Provided records:

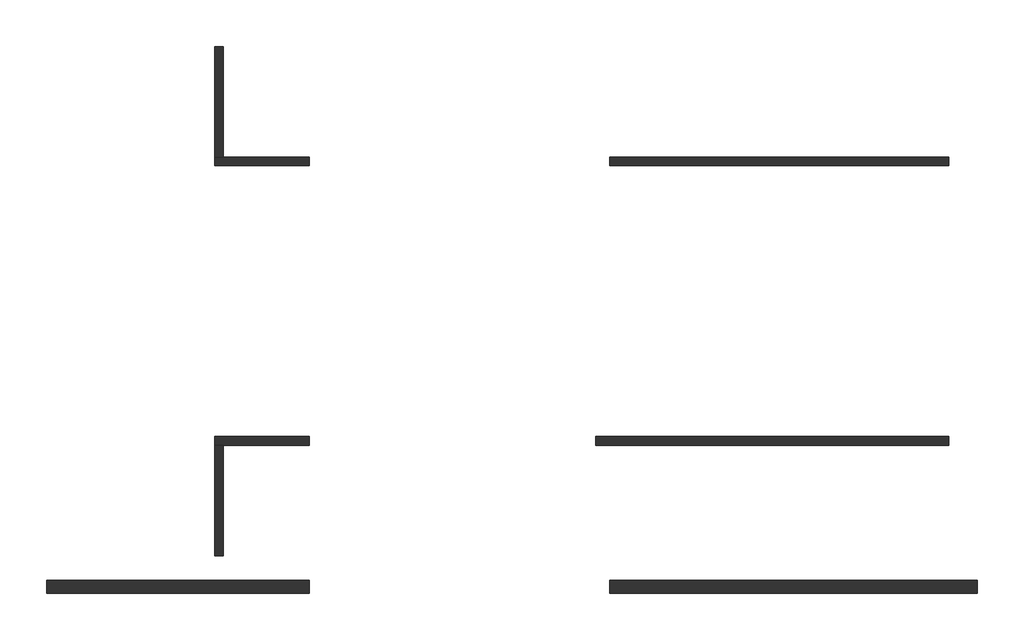
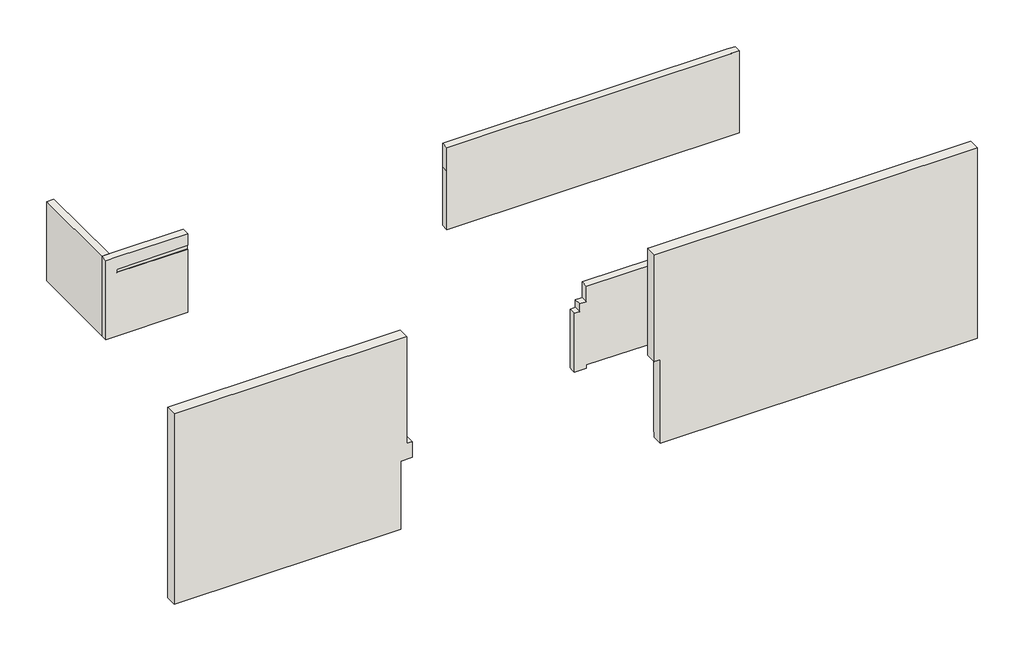
# One storey: 8 walls.
"""IFC4 building model written with IfcOpenShell, lengths in millimetres."""

import ifcopenshell
import ifcopenshell.guid

model = None  # the IFC model being written
_history = None  # IfcOwnerHistory: only IFC2X3 demands one
_inside = {}  # id of a spatial element -> (the spatial element, [elements in it])
_under = {}  # id of a project, library or spatial element -> (it, [spatial elements below it])
_declared = {}  # id of a project -> (the project, [libraries it declares])
_typed = {}  # id of a type object -> (the type object, [elements of that type])
_made_of = {}  # id of a material, layer set ... -> (it, [elements and type objects made of it])


def new_model(schema):
    """Start an empty IFC model of exactly this schema.

    Asked for "IFC4X3", IfcOpenShell would pick the latest addendum, in which some entities
    have other attributes; the version numbers below select the first issue.
    IFC2X3 requires an IfcOwnerHistory on every rooted entity: one is made here for all.
    """
    global model, _history
    if schema == "IFC4X3":
        model = ifcopenshell.file(schema_version=(4, 3, 0, 0))
    else:
        model = ifcopenshell.file(schema=schema)
    _inside.clear()
    _under.clear()
    _declared.clear()
    _typed.clear()
    _made_of.clear()
    _history = None
    if model.schema == "IFC2X3":
        org = make("IfcOrganization", Name="unknown")
        user = make(
            "IfcPersonAndOrganization",
            ThePerson=make("IfcPerson", FamilyName="unknown"),
            TheOrganization=org,
        )
        app = make(
            "IfcApplication",
            ApplicationDeveloper=org,
            Version="unknown",
            ApplicationFullName="unknown",
            ApplicationIdentifier="unknown",
        )
        _history = make(
            "IfcOwnerHistory",
            OwningUser=user,
            OwningApplication=app,
            ChangeAction="ADDED",
            CreationDate=0,
        )
    return model


def make(cls, **values):
    """One entity of the class cls with the attributes given. An attribute that is None is left unset."""
    return model.create_entity(
        cls, **{name: value for name, value in values.items() if value is not None}
    )


def rooted(cls, **values):
    """An entity with a GlobalId (a new one), such as an element, a storey or a relation."""
    return make(cls, GlobalId=ifcopenshell.guid.new(), OwnerHistory=_history, **values)


def si_unit(unit_type, name, prefix=None):
    """IfcSIUnit, for example si_unit("LENGTHUNIT", "METRE", prefix="MILLI")."""
    return make("IfcSIUnit", UnitType=unit_type, Prefix=prefix, Name=name)


def assignment(units):
    """IfcUnitAssignment: the units of a project."""
    return None if units is None else make("IfcUnitAssignment", Units=units)


def point(xyz):
    """IfcCartesianPoint."""
    return None if xyz is None else make("IfcCartesianPoint", Coordinates=xyz)


def direction(xyz):
    """IfcDirection."""
    return None if xyz is None else make("IfcDirection", DirectionRatios=xyz)


def frame(location, z_axis=None, x_axis=None):
    """IfcAxis2Placement3D, a coordinate frame: its origin and axes. An axis left out is left unset."""
    return make(
        "IfcAxis2Placement3D",
        Location=point(location),
        Axis=direction(z_axis),
        RefDirection=direction(x_axis),
    )


def origin():
    """The frame at (0, 0, 0) with its axes left unset."""
    return frame((0.0, 0.0, 0.0))


def place(relative_to, where):
    """IfcLocalPlacement: puts the frame where relative to a parent placement (None: the world)."""
    return make(
        "IfcLocalPlacement", PlacementRelTo=relative_to, RelativePlacement=where
    )


def context(
    kind, dimensions, precision=None, world=None, true_north=None, identifier=None
):
    """IfcGeometricRepresentationContext, for example the 3D "Model" context."""
    return make(
        "IfcGeometricRepresentationContext",
        ContextIdentifier=identifier,
        ContextType=kind,
        CoordinateSpaceDimension=dimensions,
        Precision=precision,
        WorldCoordinateSystem=world,
        TrueNorth=true_north,
    )


def project(units=None, contexts=None):
    """IfcProject with its units and contexts."""
    return rooted(
        "IfcProject",
        Name="project",
        RepresentationContexts=contexts,
        UnitsInContext=assignment(units),
    )


def spatial(cls, under=None, at=None, **own):
    """A site, building, storey or space (cls), placed at a placement, below another one or the project."""
    s = rooted(cls, ObjectPlacement=at, **own)
    if under is not None:
        _under.setdefault(under.id(), (under, []))[1].append(s)
    return s


def polyline(points):
    """IfcPolyline through the points."""
    return make("IfcPolyline", Points=[point(p) for p in points])


def outline(outer, holes=None, kind="AREA"):
    """IfcArbitraryClosedProfileDef: a profile drawn as a closed curve; with holes, ...WithVoids."""
    if holes is None:
        return make("IfcArbitraryClosedProfileDef", ProfileType=kind, OuterCurve=outer)
    return make(
        "IfcArbitraryProfileDefWithVoids",
        ProfileType=kind,
        OuterCurve=outer,
        InnerCurves=holes,
    )


def extrude(swept, where, along, depth):
    """IfcExtrudedAreaSolid: the profile swept, set in the frame where, extruded along a direction by depth."""
    return make(
        "IfcExtrudedAreaSolid",
        SweptArea=swept,
        Position=where,
        ExtrudedDirection=direction(along),
        Depth=depth,
    )


def faces_of(points, faces, orient=None, outer=None):
    """IfcFace entities. A face is a list of loops; a loop is a list of indices into points, from 0.

    orient and outer hold one flag for each loop. By default every Orientation is true, the
    first loop of a face is its IfcFaceOuterBound and the others are IfcFaceBound.
    """
    made = []
    for i, loops in enumerate(faces):
        bounds = []
        for j, loop in enumerate(loops):
            is_outer = j == 0 if outer is None else outer[i][j]
            bounds.append(
                make(
                    "IfcFaceOuterBound" if is_outer else "IfcFaceBound",
                    Bound=make("IfcPolyLoop", Polygon=[points[k] for k in loop]),
                    Orientation=True if orient is None else orient[i][j],
                )
            )
        made.append(make("IfcFace", Bounds=bounds))
    return made


def faceted_brep(points, faces, orient=None, outer=None, voids=None):
    """IfcFacetedBrep: a solid bounded by flat faces; with voids (closed shells), ...WithVoids."""
    shared = [point(p) for p in points]
    hull = make("IfcClosedShell", CfsFaces=faces_of(shared, faces, orient, outer))
    if voids is None:
        return make("IfcFacetedBrep", Outer=hull)
    return make(
        "IfcFacetedBrepWithVoids",
        Outer=hull,
        Voids=[
            make(cls, CfsFaces=faces_of(shared, fs, o, b)) for cls, fs, o, b in voids
        ],
    )


def shape(context_of_items, identifier, shape_type, items):
    """IfcShapeRepresentation: the items that make up one representation, for example the "Body"."""
    return make(
        "IfcShapeRepresentation",
        ContextOfItems=context_of_items,
        RepresentationIdentifier=identifier,
        RepresentationType=shape_type,
        Items=items,
    )


def made_of(thing, what):
    """Note that an element or type object is made of a material, layer set ...; save() writes the relation."""
    if what is not None:
        _made_of.setdefault(what.id(), (what, []))[1].append(thing)
    return thing


def element(
    cls,
    number,
    at=None,
    inside=None,
    cuts=None,
    type_object=None,
    material=None,
    context=None,
    identifier="Body",
    shape_type=None,
    held_by="IfcProductDefinitionShape",
    body=None,
    shapes=None,
    **own,
):
    """One element of the class cls, such as IfcWall. Its Tag is "e" and its number.

    at: its placement. inside: the storey or other place that contains it. cuts: it is an
    opening in that element (IfcRelVoidsElement). A single representation is given by context,
    identifier, shape_type and body (its items); several are given by shapes. held_by: the class
    of the entity that holds the representations. save() writes the other relations.
    """
    e = rooted(cls, Tag="e%d" % number, ObjectPlacement=at, **own)
    if body is not None:
        shapes = [shape(context, identifier, shape_type, body)]
    if shapes is not None:
        e.Representation = make(held_by, Representations=shapes)
    if inside is not None:
        _inside.setdefault(inside.id(), (inside, []))[1].append(e)
    if cuts is not None:
        rooted(
            "IfcRelVoidsElement", RelatingBuildingElement=cuts, RelatedOpeningElement=e
        )
    if type_object is not None:
        _typed.setdefault(type_object.id(), (type_object, []))[1].append(e)
    return made_of(e, material)


def aggregate(whole, parts):
    """IfcRelAggregates: a whole, such as a stair, and the parts it consists of."""
    return rooted("IfcRelAggregates", RelatingObject=whole, RelatedObjects=parts)


def save(model, path):
    """Write the relations noted so far, then the file.

    IfcRelAggregates (storeys below a building ...), IfcRelContainedInSpatialStructure (elements
    in a storey), IfcRelDefinesByType, IfcRelAssociatesMaterial and IfcRelDeclares: one each for
    every whole, place, type object, material and project.
    """
    for whole, parts in _under.values():
        aggregate(whole, parts)
    for where, things in _inside.values():
        rooted(
            "IfcRelContainedInSpatialStructure",
            RelatedElements=things,
            RelatingStructure=where,
        )
    for kind, things in _typed.values():
        rooted("IfcRelDefinesByType", RelatedObjects=things, RelatingType=kind)
    for what, things in _made_of.values():
        rooted("IfcRelAssociatesMaterial", RelatedObjects=things, RelatingMaterial=what)
    for by, libraries in _declared.values():
        rooted("IfcRelDeclares", RelatingContext=by, RelatedDefinitions=libraries)
    model.write(path)


model = new_model("IFC4")

# Units and contexts
model_context = context("Model", 3, world=origin())
ifc_project = project(units=[si_unit("LENGTHUNIT", "METRE", prefix="MILLI")], contexts=[model_context])

# Site, building, storey
site = spatial("IfcSite", under=ifc_project)
building = spatial("IfcBuilding", under=site)
storey = spatial("IfcBuildingStorey", under=building, Name="E-ACCESO", Elevation=-200.0)

# Walls
placement = place(None, origin())
element("IfcWall", 1, ObjectType="MURO TIPO 1_EXTERIOR_PETO_PABLO", at=placement, inside=storey, context=model_context, shape_type="Brep", body=[
    faceted_brep([(-11990.0, -17797.5, 7150.0), (-11975.0, -17797.5, 7150.0), (-205.0, -17797.5, 7150.0), (-205.0, -17797.5, -29.8903052), (-4292.2906333, -17797.5, 0.0), (-8394.5812666, -17797.5, -30.0), (-11770.0, -17797.5, 0.0), (-11770.0, -17797.5, 3030.0), (-11990.0, -17797.5, 3030.0), (-11770.0, -18207.5, -200.0), (-205.0, -18207.5, -200.0), (-205.0, -18207.5, 7150.0), (-11975.0, -18207.5, 7150.0), (-11990.0, -18207.5, 7150.0), (-11990.0, -18207.5, 3030.0), (-11975.0, -18207.5, 3030.0), (-11770.0, -18207.5, 3030.0), (-11770.0, -18207.5, 2430.0), (-11770.0, -17810.0, -200.0), (-205.0, -17810.0, -200.0), (-205.0, -17810.0, -29.8903052), (-8394.5812666, -17810.0, -30.0), (-4292.2906333, -17810.0, 0.0), (-11770.0, -17810.0, 0.0)], [[[0, 1, 2, 3, 4, 5, 6, 7, 8]], [[9, 10, 11, 12, 13, 14, 15, 16, 17]], [[10, 9, 18, 19]], [[2, 1, 0, 13, 12, 11]], [[2, 11, 10, 19, 20, 3]], [[21, 22, 20, 19, 18, 23]], [[20, 22, 4, 3]], [[21, 23, 6, 5]], [[22, 21, 5, 4]], [[13, 0, 8, 14]], [[14, 8, 7, 16, 15]], [[16, 7, 6, 23, 18, 9, 17]]]),
])
element("IfcWall", 2, ObjectType="MURO TIPO 5_PABLO", at=placement, inside=storey, context=model_context, shape_type="Brep", body=[
    faceted_brep([(-24205.0, -13267.5, 3030.0), (-23795.0, -13267.5, 3030.0), (-21230.0, -13267.5, 3030.0), (-20750.0, -13267.5, 3030.0), (-20750.0, -13267.5, 2430.0), (-20790.0, -13267.5, 2430.0), (-21215.0, -13267.5, 2430.0), (-21215.0, -13267.5, 2581.2), (-23795.0, -13267.5, 2551.3734104), (-23810.0, -13267.5, 2551.2), (-23810.0, -13267.5, 2430.0), (-23795.0, -13267.5, 2430.0), (-21230.0, -13267.5, 2430.0), (-21230.0, -13267.5, 0.0), (-24205.0, -13267.5, -28.0660377), (-24205.0, -13267.5, 2130.0), (-20750.0, -13537.5, 3030.0), (-20820.0, -13537.5, 3030.0), (-21230.0, -13537.5, 3030.0), (-23935.0, -13537.5, 3030.0), (-24205.0, -13537.5, 3030.0), (-24205.0, -13537.5, -28.0660377), (-23935.0, -13537.5, -25.5188679), (-21230.0, -13537.5, 0.0), (-21230.0, -13537.5, 2430.0), (-20820.0, -13537.5, 2430.0), (-20750.0, -13537.5, 2430.0), (-23810.0, -13282.5, 2430.0), (-21230.0, -13282.5, 2430.0), (-23810.0, -13282.5, 2551.2), (-21215.0, -13282.5, 2581.2), (-21215.0, -13282.5, 2430.0)], [[[0, 1, 2, 3, 4, 5, 6, 7, 8, 9, 10, 11, 12, 13, 14, 15]], [[16, 17, 18, 19, 20, 21, 22, 23, 24, 25, 26]], [[3, 2, 1, 0, 20, 19, 18, 17, 16]], [[20, 0, 15, 14, 21]], [[27, 28, 12, 11, 10]], [[29, 27, 10, 9]], [[27, 29, 30, 31, 28]], [[30, 29, 9, 8, 7]], [[14, 13, 23, 22, 21]], [[26, 25, 24, 28, 31, 6, 5, 4]], [[13, 12, 28, 24, 23]], [[4, 3, 16, 26]], [[31, 30, 7, 6]]]),
])
element("IfcWall", 3, ObjectType="MURO TIPO 5_PABLO", at=placement, inside=storey, context=model_context, shape_type="SweptSolid", body=[
    extrude(outline(polyline([(3030.0, -23935.0), (3030.0, -24205.0), (-28.0660377, -24205.0), (-25.5188679, -23935.0), (3030.0, -23935.0)])), frame((0.0, -17017.5, 0.0), z_axis=(0.0, 1.0, 0.0), x_axis=(0.0, 0.0, 1.0)), (0.0, 0.0, 1.0), 3480.0),
])
element("IfcWall", 4, ObjectType="MURO TIPO 5_PETO CUB_PABLO", at=placement, inside=storey, context=model_context, shape_type="Brep", body=[
    faceted_brep([(-1110.0, -13537.5, -23.2720515), (-1110.0, -13537.5, 3030.0), (-1380.0, -13537.5, 3030.0), (-1395.1532376, -13537.5, 3030.0), (-1410.1532376, -13537.5, 3030.0), (-1425.0, -13537.5, 3030.0), (-8795.0, -13537.5, 3030.0), (-9065.0, -13537.5, 3030.0), (-11770.0, -13537.5, 3030.0), (-11770.0, -13537.5, 2430.0), (-12010.0, -13537.5, 2430.0), (-12010.0, -13537.5, 2130.0), (-12210.0, -13537.5, 2130.0), (-12210.0, -13537.5, -135.0), (-11770.0, -13537.5, -135.0), (-11770.0, -13537.5, 0.0), (-9065.0, -13537.5, -24.0414616), (-8795.0, -13537.5, -26.4411639), (-8394.5812666, -13537.5, -30.0), (-4292.2906333, -13537.5, 0.0), (-1380.0, -13537.5, -21.2975449), (-1110.0, -13267.5, 3030.0), (-1110.0, -13267.5, -23.2720515), (-4292.2906333, -13267.5, 0.0), (-8394.5812666, -13267.5, -30.0), (-11770.0, -13267.5, 0.0), (-11770.0, -13267.5, -135.0), (-12210.0, -13267.5, -135.0), (-12210.0, -13267.5, 2100.0), (-12210.0, -13267.5, 2130.0), (-12010.0, -13267.5, 2130.0), (-12010.0, -13267.5, 2430.0), (-11785.0, -13267.5, 2430.0), (-11770.0, -13267.5, 2430.0), (-11770.0, -13267.5, 3030.0), (-9205.0, -13267.5, 3030.0), (-8795.0, -13267.5, 3030.0), (-1425.0, -13267.5, 3030.0), (-1410.1532376, -13267.5, 3030.0), (-1395.1532376, -13267.5, 3030.0), (-1380.0, -13267.5, 3030.0), (-12210.0, -13372.5, -135.0)], [[[0, 1, 2, 3, 4, 5, 6, 7, 8, 9, 10, 11, 12, 13, 14, 15, 16, 17, 18, 19, 20]], [[21, 22, 23, 24, 25, 26, 27, 28, 29, 30, 31, 32, 33, 34, 35, 36, 37, 38, 39, 40]], [[26, 14, 13, 41, 27]], [[1, 21, 40, 39, 38, 37, 36, 35, 34, 8, 7, 6, 5, 4, 3, 2]], [[21, 1, 0, 22]], [[0, 20, 19, 23, 22]], [[24, 18, 17, 16, 15, 25]], [[18, 24, 23, 19]], [[25, 15, 14, 26]], [[11, 30, 29, 12]], [[30, 11, 10, 31]], [[33, 32, 31, 10, 9]], [[27, 41, 13, 12, 29, 28]], [[8, 34, 33, 9]]]),
])
element("IfcWall", 5, ObjectType="MURO TIPO 5_PABLO", at=placement, inside=storey, context=model_context, shape_type="Brep", body=[
    faceted_brep([(-24205.0, -4462.5, 3030.0), (-23935.0, -4462.5, 3030.0), (-21230.0, -4462.5, 3030.0), (-21230.0, -4462.5, 0.0), (-23935.0, -4462.5, -25.5188679), (-24205.0, -4462.5, -28.0660377), (-21230.0, -4732.5, 3030.0), (-23795.0, -4732.5, 3030.0), (-24205.0, -4732.5, 3030.0), (-24205.0, -4732.5, 2130.0), (-24205.0, -4732.5, -28.0660377), (-21230.0, -4732.5, 0.0), (-21230.0, -4732.5, 2430.0), (-23795.0, -4732.5, 2430.0), (-23810.0, -4732.5, 2430.0), (-23810.0, -4732.5, 2551.2), (-23795.0, -4732.5, 2551.3734104), (-21230.0, -4732.5, 2581.0265896), (-21230.0, -4717.5, 2581.0265896), (-21230.0, -4717.5, 2430.0), (-23810.0, -4717.5, 2430.0), (-23810.0, -4717.5, 2551.2)], [[[0, 1, 2, 3, 4, 5]], [[6, 7, 8, 9, 10, 11, 12, 13, 14, 15, 16, 17]], [[2, 1, 0, 8, 7, 6]], [[2, 6, 17, 18, 19, 12, 11, 3]], [[8, 0, 5, 10, 9]], [[20, 14, 13, 12, 19]], [[21, 20, 19, 18]], [[20, 21, 15, 14]], [[21, 18, 17, 16, 15]], [[5, 4, 3, 11, 10]]]),
])
element("IfcWall", 6, ObjectType="MURO TIPO 5_PABLO", at=placement, inside=storey, context=model_context, shape_type="SweptSolid", body=[
    extrude(outline(polyline([(3030.0, -23935.0), (3030.0, -24205.0), (-28.0660377, -24205.0), (-25.5188679, -23935.0), (3030.0, -23935.0)])), frame((0.0, -4462.5, 0.0), z_axis=(0.0, 1.0, 0.0), x_axis=(0.0, 0.0, 1.0)), (0.0, 0.0, 1.0), 3480.0),
])
element("IfcWall", 7, ObjectType="MURO TIPO 5_PETO CUB_PABLO", at=placement, inside=storey, context=model_context, shape_type="Brep", body=[
    faceted_brep([(-11770.0, -4732.5, -135.0), (-1110.0, -4732.5, -135.0), (-1110.0, -4732.5, 3030.0), (-1380.0, -4732.5, 3030.0), (-1395.1532376, -4732.5, 3030.0), (-1410.1532376, -4732.5, 3030.0), (-1425.0, -4732.5, 3030.0), (-8795.0, -4732.5, 3030.0), (-9205.0, -4732.5, 3030.0), (-11770.0, -4732.5, 3030.0), (-11770.0, -4732.5, 2130.0), (-11770.0, -4732.5, 2100.0), (-11770.0, -4732.5, 0.0), (-1110.0, -4462.5, -135.0), (-11770.0, -4462.5, -135.0), (-11770.0, -4462.5, 2100.0), (-11770.0, -4462.5, 3030.0), (-9065.0, -4462.5, 3030.0), (-8795.0, -4462.5, 3030.0), (-1425.0, -4462.5, 3030.0), (-1410.1532376, -4462.5, 3030.0), (-1395.1532376, -4462.5, 3030.0), (-1380.0, -4462.5, 3030.0), (-1110.0, -4462.5, 3030.0), (-1110.0, -4462.5, -23.2720515)], [[[0, 1, 2, 3, 4, 5, 6, 7, 8, 9, 10, 11, 12]], [[13, 14, 15, 16, 17, 18, 19, 20, 21, 22, 23, 24]], [[1, 0, 14, 13]], [[2, 23, 22, 21, 20, 19, 18, 17, 16, 9, 8, 7, 6, 5, 4, 3]], [[2, 1, 13, 24, 23]], [[0, 12, 11, 15, 14]], [[9, 16, 15, 11, 10]]]),
])
element("IfcWall", 8, ObjectType="MURO TIPO 1_EXTERIOR_PETO_PABLO", at=placement, inside=storey, context=model_context, shape_type="Brep", body=[
    faceted_brep([(-21230.0, -17797.5, -200.0), (-29500.0, -17797.5, -200.0), (-29500.0, -17797.5, 0.0), (-29500.0, -17797.5, 7150.0), (-21025.0, -17797.5, 7150.0), (-21010.0, -17797.5, 7150.0), (-21010.0, -17797.5, 3030.0), (-20820.0, -17797.5, 3030.0), (-20820.0, -17797.5, 2921.0618785), (-20820.0, -17797.5, 2730.0), (-20820.0, -17797.5, 2430.0), (-21230.0, -17797.5, 2430.0), (-29500.0, -18207.5, -200.0), (-21230.0, -18207.5, -200.0), (-21230.0, -18207.5, 2430.0), (-20820.0, -18207.5, 2430.0), (-20820.0, -18207.5, 3030.0), (-21010.0, -18207.5, 3030.0), (-21010.0, -18207.5, 7150.0), (-21025.0, -18207.5, 7150.0), (-29500.0, -18207.5, 7150.0), (-29500.0, -18207.5, 0.0)], [[[0, 1, 2, 3, 4, 5, 6, 7, 8, 9, 10, 11]], [[12, 13, 14, 15, 16, 17, 18, 19, 20, 21]], [[1, 0, 13, 12]], [[3, 2, 1, 12, 21, 20]], [[5, 4, 3, 20, 19, 18]], [[5, 18, 17, 6]], [[0, 11, 14, 13]], [[10, 9, 8, 7, 16, 15]], [[15, 14, 11, 10]], [[6, 17, 16, 7]]]),
])

save(model, "model.ifc")

# Revit data of these elements
# Project information
#   Fecha de emisión de proyecto = "Fecha de emisión"
#   Estado de proyecto = "Estado de proyecto"
#   Nombre de cliente = "Propietario"
#   Dirección de proyecto = "Introduzca dirección aquí"
#   Nombre de proyecto = "Nombre de proyecto"
#   Número de proyecto = "0001"
# Grids (mm)
#   "10": line (-29500, 9189.325) -> (-29500, -29213.653)
#   "1": line (-33000, 9189.325) -> (-33000, -29213.653)
#   "B": line (7688.401, -13500) -> (-37134.551, -13500)
#   "A": line (7688.401, -18000) -> (-37134.551, -18000)
#   "BC": line (7688.401, -9000) -> (-37134.551, -9000)
#   "C": line (7688.401, -4500) -> (-37134.551, -4500)
#   "D": line (7688.401, 0) -> (-37134.551, 0)
#   "6": line (0, 9189.325) -> (0, -29213.653)
#   "56": line (-6000, 9189.325) -> (-6000, -29213.653)
#   "5": line (-9000, 9189.325) -> (-9000, -29213.653)
#   "4": line (-12000, 9189.325) -> (-12000, -29213.653)
#   "3": line (-21000, 9189.325) -> (-21000, -29213.653)
#   "2": line (-24000, 9189.325) -> (-24000, -29213.653)
#   "12": line (-27000, 9189.325) -> (-27000, -29213.653)
# Type "MURO TIPO 1_EXTERIOR_PETO_PABLO"
#   Keynote = "Md.1"
#   Description = "Muro interior-exterior perimetral"
#   Type Mark = "M1"
#   Layers, outside or top first: 0.015 m "Enfoscado cemento y pintura" (function 5); 0.115 m "Ladrillo cerámico perforado" (function 1); 0.15 m "Aire" (function 3); 0.115 m "Ladrillo cerámico perforado" (function 1); 0.015 m "Enfoscado cemento y pintura" (function 5)
# Type "MURO TIPO 5_PABLO"
#   Keynote = "Md.1"
#   Description = "Muro interior-interior patio exterior"
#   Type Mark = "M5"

Work task: Once you have found every line in the listing that holds the string "OuterCurve", copy each of them.

Output for this task:
        return make("IfcArbitraryClosedProfileDef", ProfileType=kind, OuterCurve=outer)
        OuterCurve=outer,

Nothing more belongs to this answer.